The GOOD thing is I heard from his mouth that her range should be 2.0 - 3.0 (though he said he prefers the lower end of that... ok, I'll take that).
 
So -- let me get this straight -- Coumadin is a dangerous drug and should be carefully monitored. So this doctor changes her dose for TWO DAYS and wants to retest in 3 WEEKS? This is careful monitoring? Does he expect the dose increase to show up in her INR 3 WEEKS from now?

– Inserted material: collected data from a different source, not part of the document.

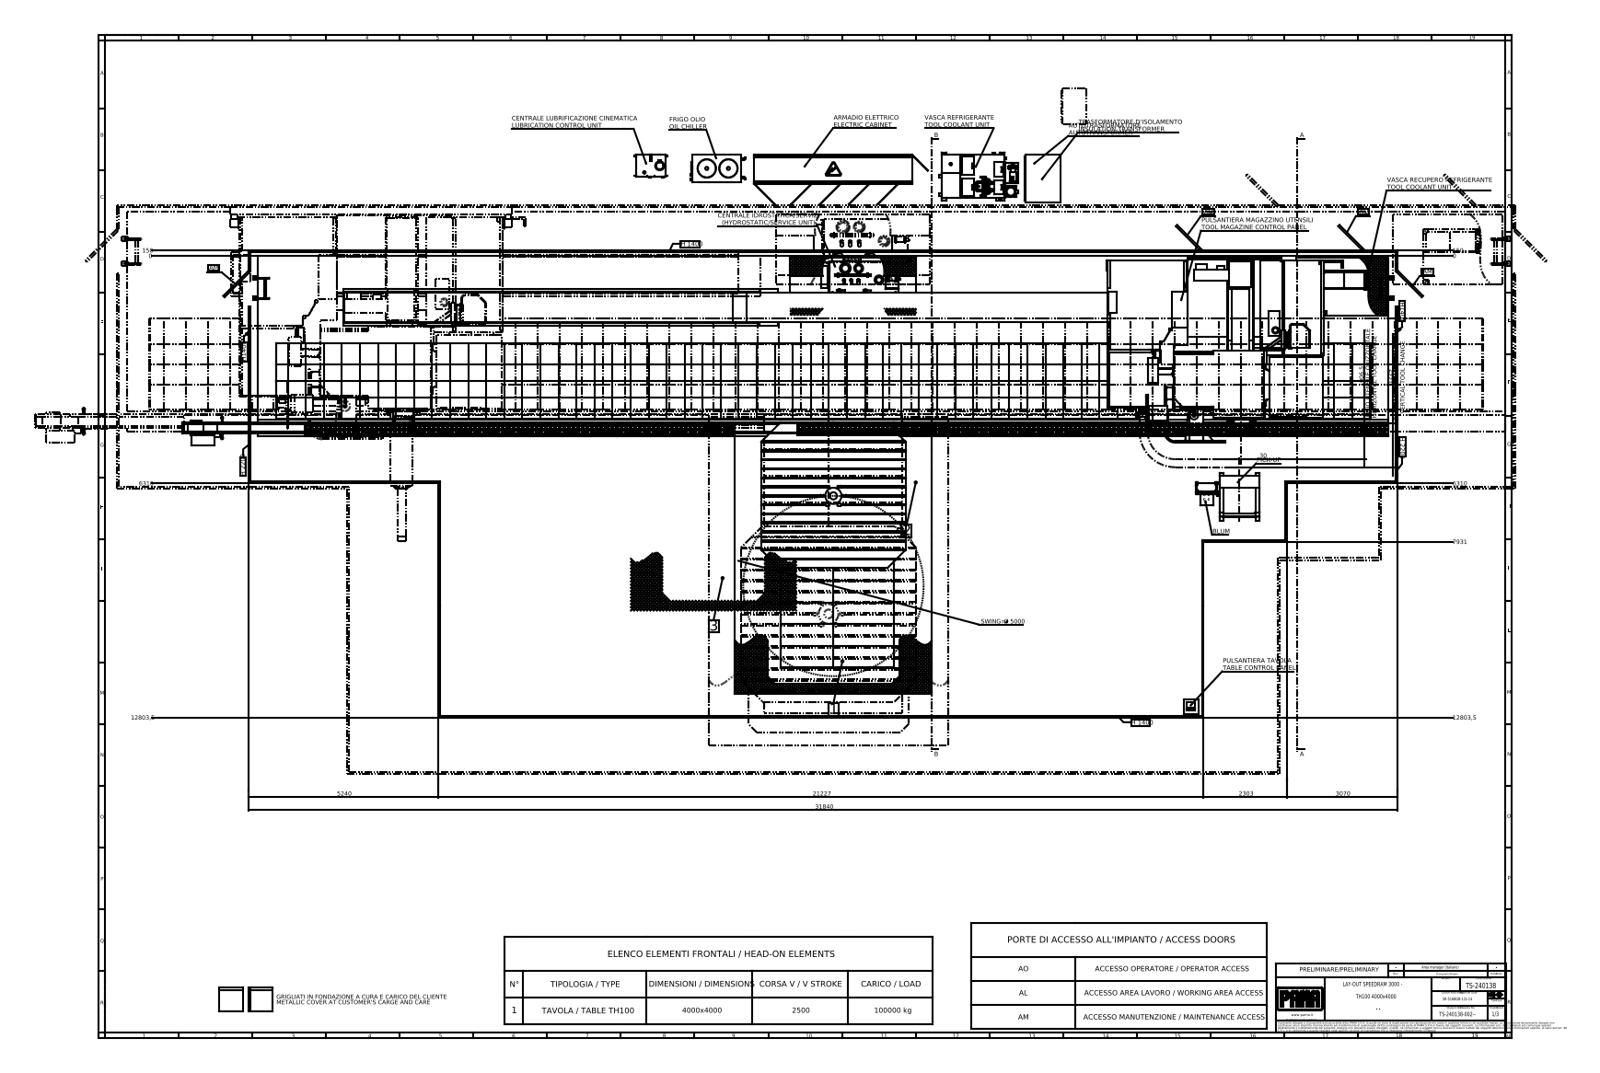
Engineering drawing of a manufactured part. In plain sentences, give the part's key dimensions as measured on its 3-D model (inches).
The part is named "S001560_3 (2+1) POSTI; S003258_ISO 50 - RIPOSO; S003390; S001813_4000x4000 (PASSO CAVA = 250) SM. 500x500 (+8 more)". Its 3-D file was written by "SolidWorks 2023 (AUTOMOTIVE_DESIGN)". It is 464 solids with 8460 faces: 5620 planar, 2102 cylindrical and 738 other. Overall it measures 1391.339 by 733.264 by 431.535 inches. Its volume is 68 530 000 cubic inches and its surface area 5 301 000 square inches. Round holes: 240 of diameter 1.378, 63 of diameter 2.74, 18 of diameter 1.465, 17 of diameter 0.197, 9 of diameter 0.276, 9 of diameter 1.181, 8 of diameter 0.512, 8 of diameter 0.551, 7 of diameter 0.433, 6 of diameter 0.315, 4 of diameter 0.26, 4 of diameter 0.492. Round bosses or shafts: 18 of diameter 1.669, 15 of diameter 0.787, 11 of diameter 1.575, 10 of diameter 0.354, 8 of diameter 2.165, 7 of diameter 2.61, 6 of diameter 2.362, 6 of diameter 1.378. Partial cylindrical surfaces (rounded edges, fillets, slot ends): 156 of radius 0.197, 53 of radius 0.591, 52 of radius 0.315, 27 of radius 0.157, 26 of radius 0.236, 26 of radius 1.378, 24 of radius 0.394, 21 of radius 0.118. The main face-to-face distances are 78.74, 1.969, 29.646, 49.094, 5.906, 0.394, 730.453, 508.012, 306.929, 423.524. The hole center spacings are 10.753, 19.685, 48.644, 29.843, 56.047, 39.37, 5.118, 10.236.
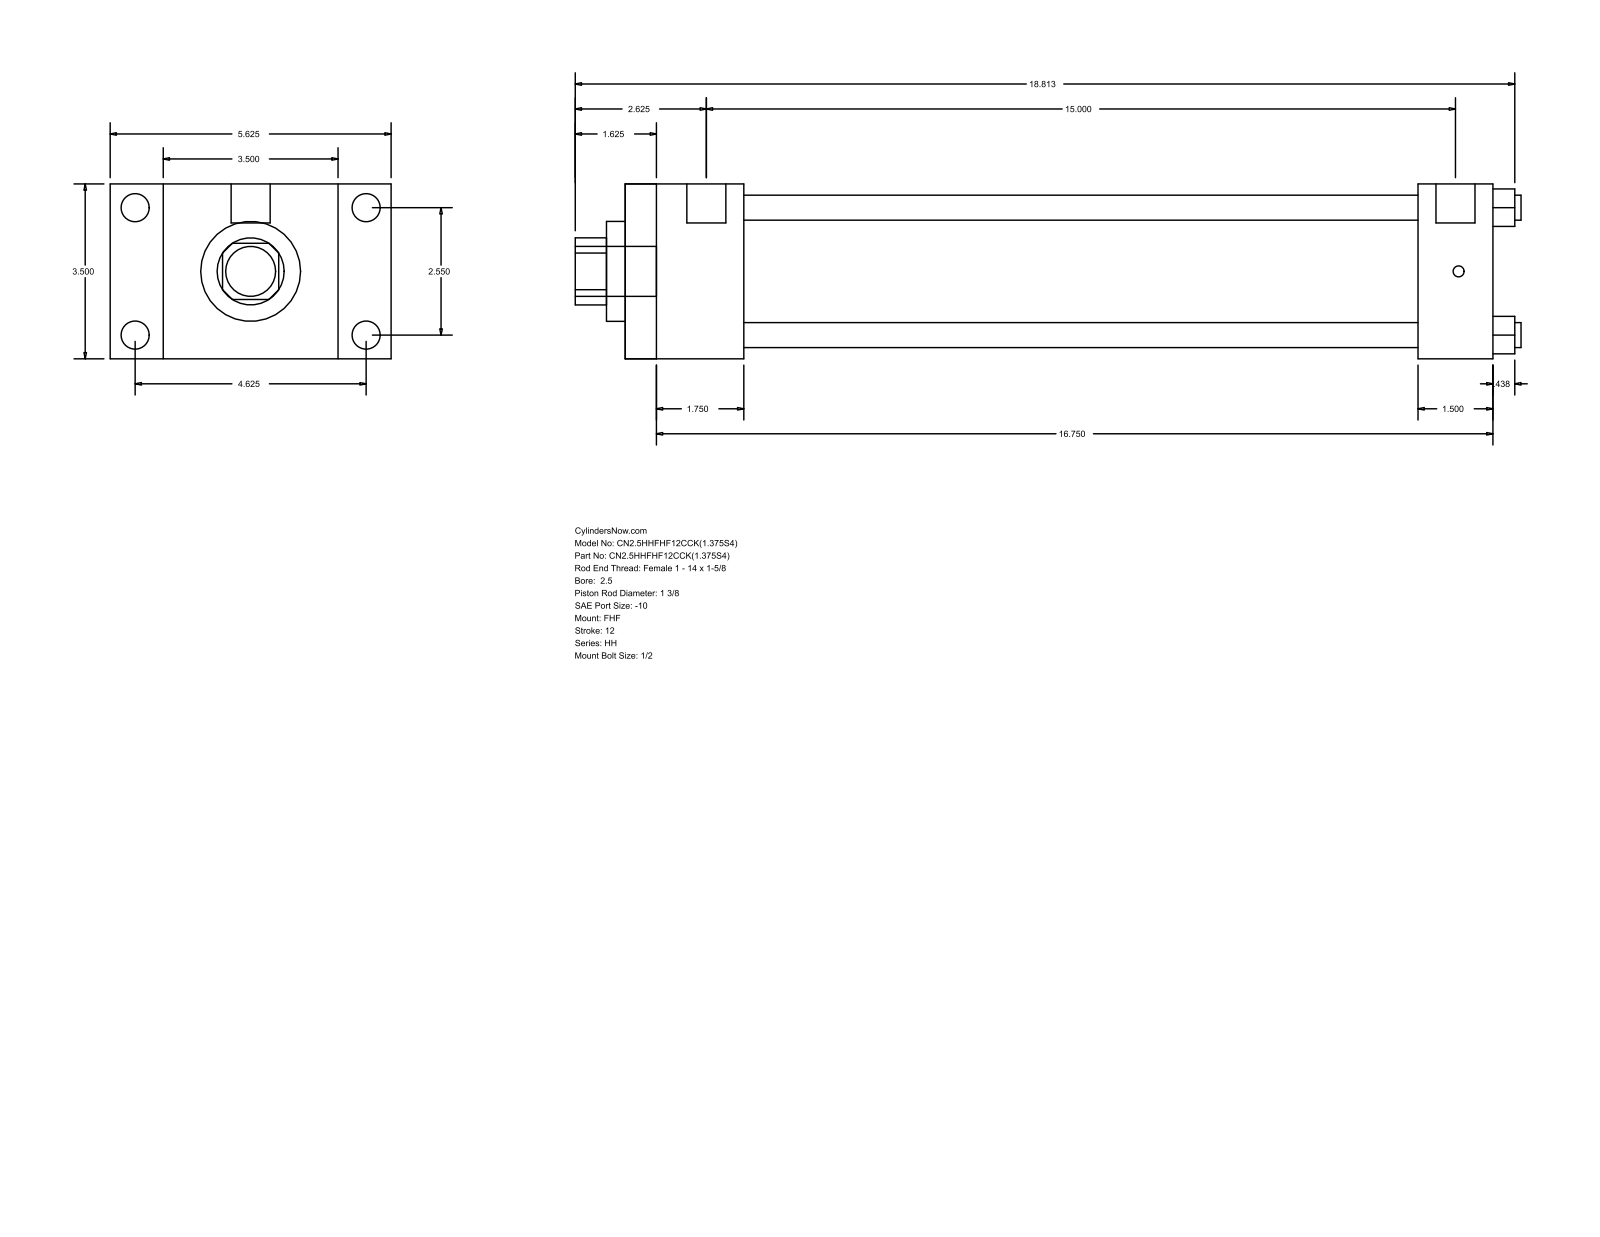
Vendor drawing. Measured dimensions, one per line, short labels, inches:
name: HH_FHF__0250_1.375
written by: GSSL Pune (CONFIG_CONTROL_DESIGN)
unit: in
bodies: 0 solids, 88 faces (60 planar, 28 cylindrical, 0 other)
size: 18.937 × 5.625 × 3.5
holes: 4× ⌀0.5, 1× ⌀1.375, 1× ⌀2, 1× ⌀2.875
bosses: 4× ⌀0.563, 4× ⌀0.219, 2× ⌀0.781, 1× ⌀1
rounds: 1× R0.672
face distances: 3.5, 2.375, 1.063, 4.563, 17.375, 15, 5.625, 15.875, 13.5, 1.5
hole spacings: 1.803, 2.55, 3.606
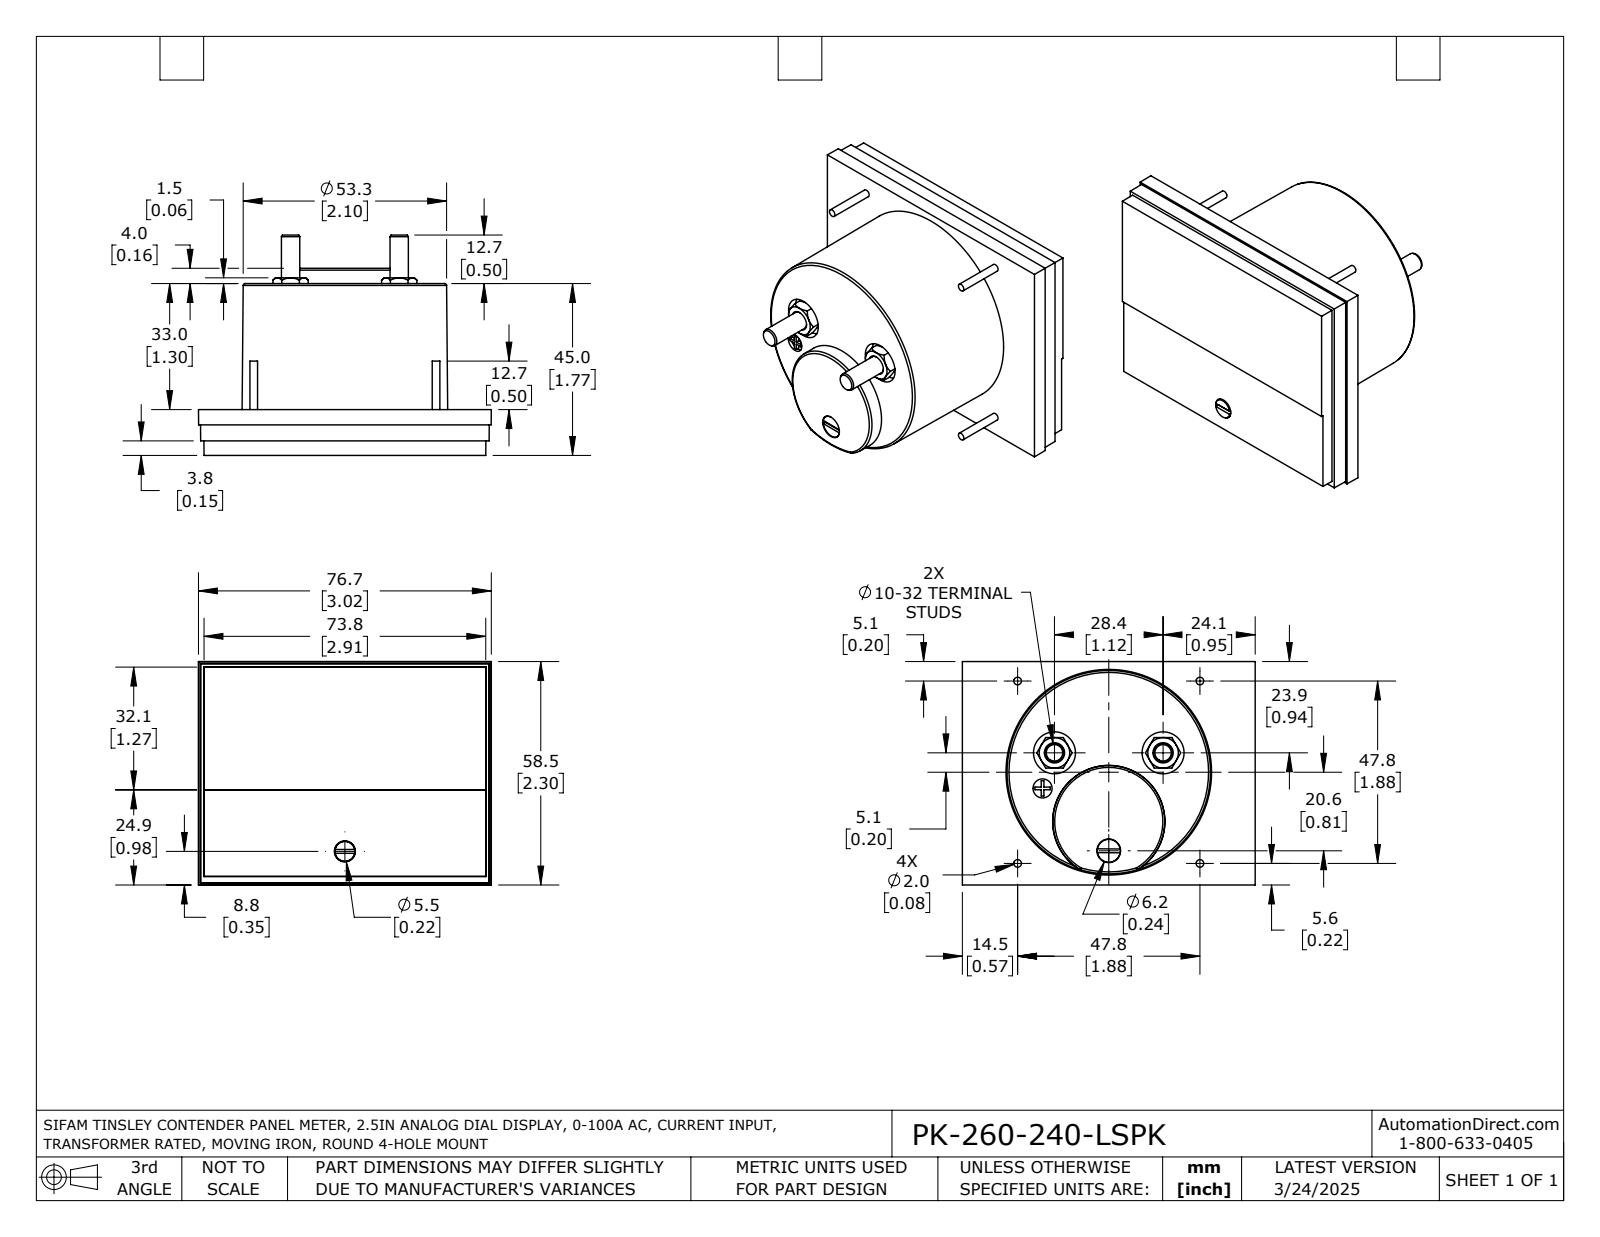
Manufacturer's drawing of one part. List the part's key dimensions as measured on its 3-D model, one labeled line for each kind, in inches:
Part name (STEP PRODUCT): PK-260-240-LSPK
STEP written by: SolidWorks 2021 (AUTOMOTIVE_DESIGN)
Units: inches
Bodies: 1 solid, 192 faces (95 planar, 37 cylindrical, 60 other)
Overall size (bounding box): 3.02 × 2.303 × 2.272
Volume: 7.657 in³ · Surface area: 36.55 in²
Round holes (diameter × count): ⌀0.197 ×3, ⌀0.433 ×2, ⌀0.209 ×1, ⌀0.217 ×1, ⌀0.244 ×1
Round bosses / shafts (diameter × count): ⌀0.079 ×4, ⌀0.189 ×2, ⌀0.236 ×1, ⌀0.205 ×1
Partial cylindrical surfaces — rounded edges, fillets, slot ends (radius × count): R0.033 ×1
Main face-to-face distances: 0.02, 0.472, 0.13, 0.322, 0.15, 0.453, 0.057, 0.077, 0.396, 0.073
Hole centre spacings: 1.155, 1.16, 0.387, 0.938, 0.942, 1.12, 1.295
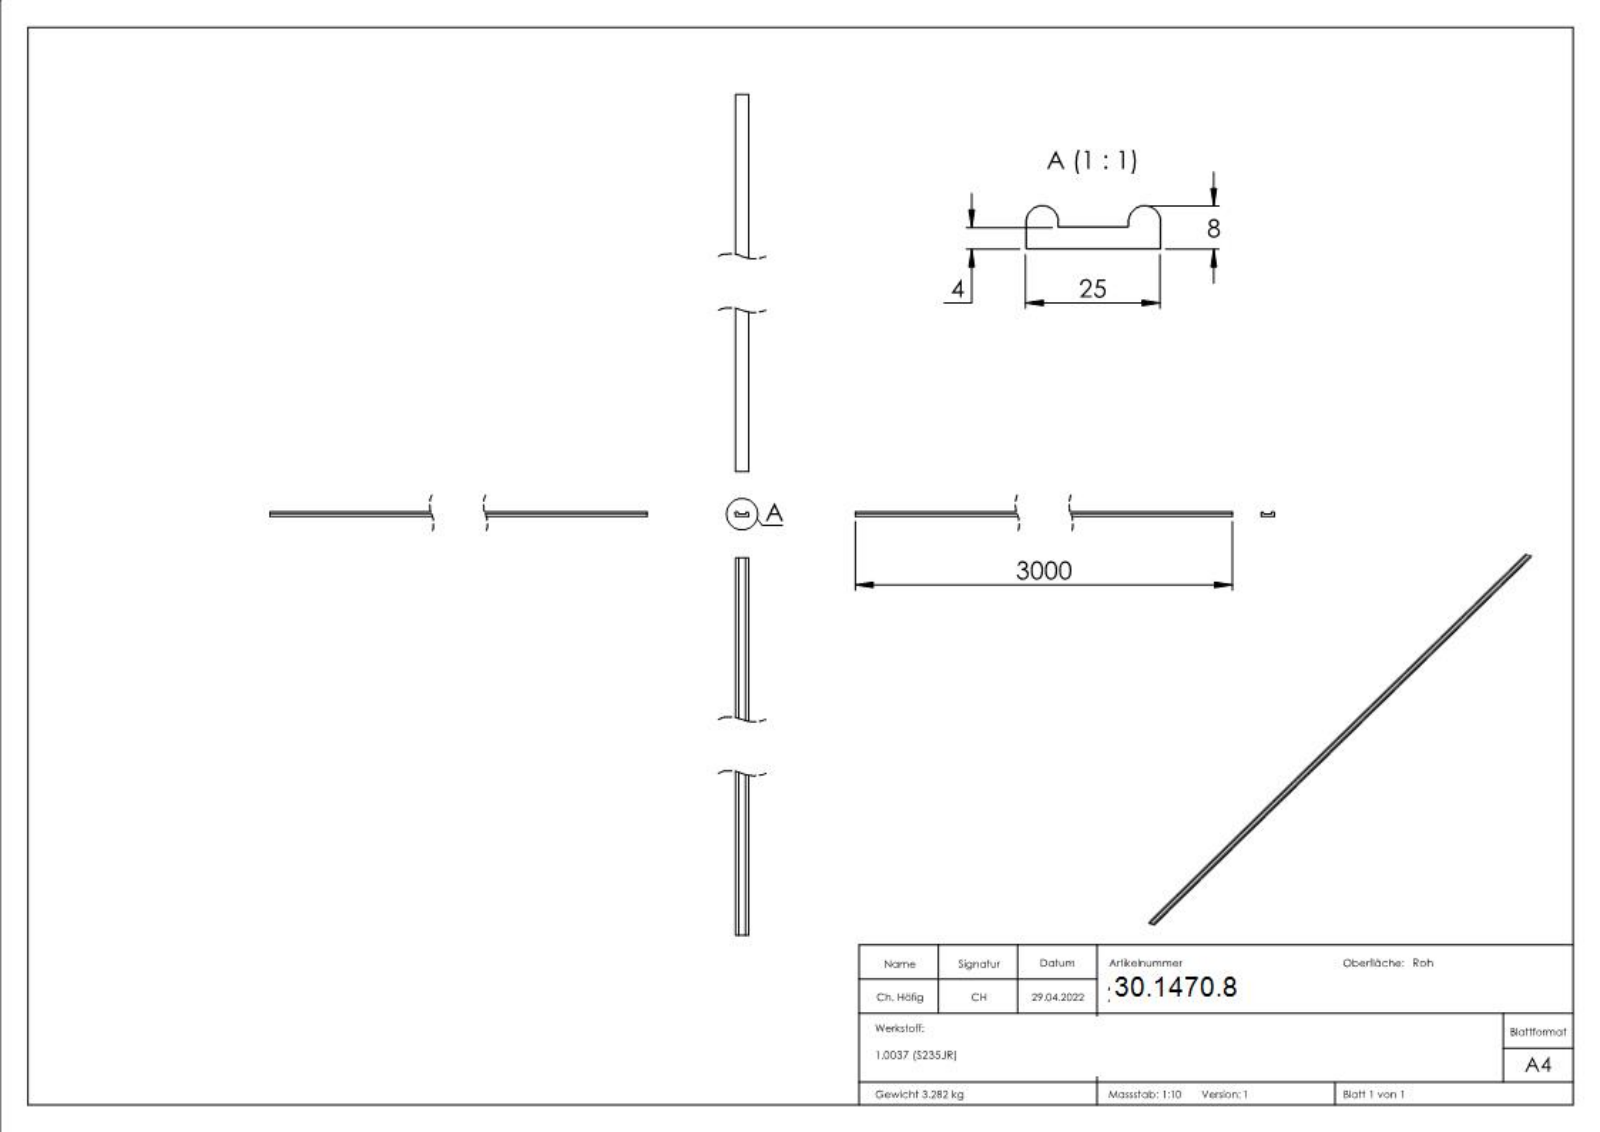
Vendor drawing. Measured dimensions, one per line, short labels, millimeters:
name: 2301
written by: SolidWorks 2018 (CONFIG_CONTROL_DESIGN)
unit: mm
bodies: 1 solid, 215 faces (116 planar, 2 cylindrical, 97 other)
size: 3000 × 25 × 8
volume: 420 822 mm³; area: 206 839 mm²
rounds: 2× R3
face distances: 4, 25, 6, 19, 13, 3000, 3.9, 7.75, 2.48, 5.25

If your doctor believes in careful monitoring, it seems like you've got to find someone else to do it -- or do it yourself. What the doctor suggested (if this is really what he suggested) doesn't make a whole lot of sense. This sounds like a great reason to get your own meter, do your own testing, and take control of the INR yourself. (Armed with information on this forum, and realizing that kneejerk reactions don't help establish stable INRs, lots of people are able to manage their INRs - even though they're not as 'smart' as doctors (right))
 
You have it right. AND he doesn't believe in home monitoring since that has been raised before when I had her at least thinking about it. AND there's no way she'd change doctors over this.... I just don't get it. If they take her off coumadin only 5 days before surgery, how does he think 8mg for 2 days at day 1 is going to have any affect for testing at day 21?? (And yes, take a double dose for the next two days is exactly what I heard from his mouth). I am totally certain I could do a better job of managing this than he could at this point.
 
My dad is an A-fib-er on warfarin, and he has a range of 2-3. His GP manages his dose, and I am trying to get him on home monitoring. The doc changes his dose fairly frequently, and has him skip doses if his INR is too high, etc. All things that point to home monitoring being more successful, I think.
 
Jason:

There are research papers that bear out your assumption. People who home test do better at staying in range than those who do lab testing. It sounds like your dad's doctor is creating an INR roller coaster that doesn't show up because testing isn't frequent enough to reveal this. Home monitoring sounds like a definite plus for your dad so he can stay in range once he is actually IN range. Skipping doses for someone on A-fib isn't a good idea.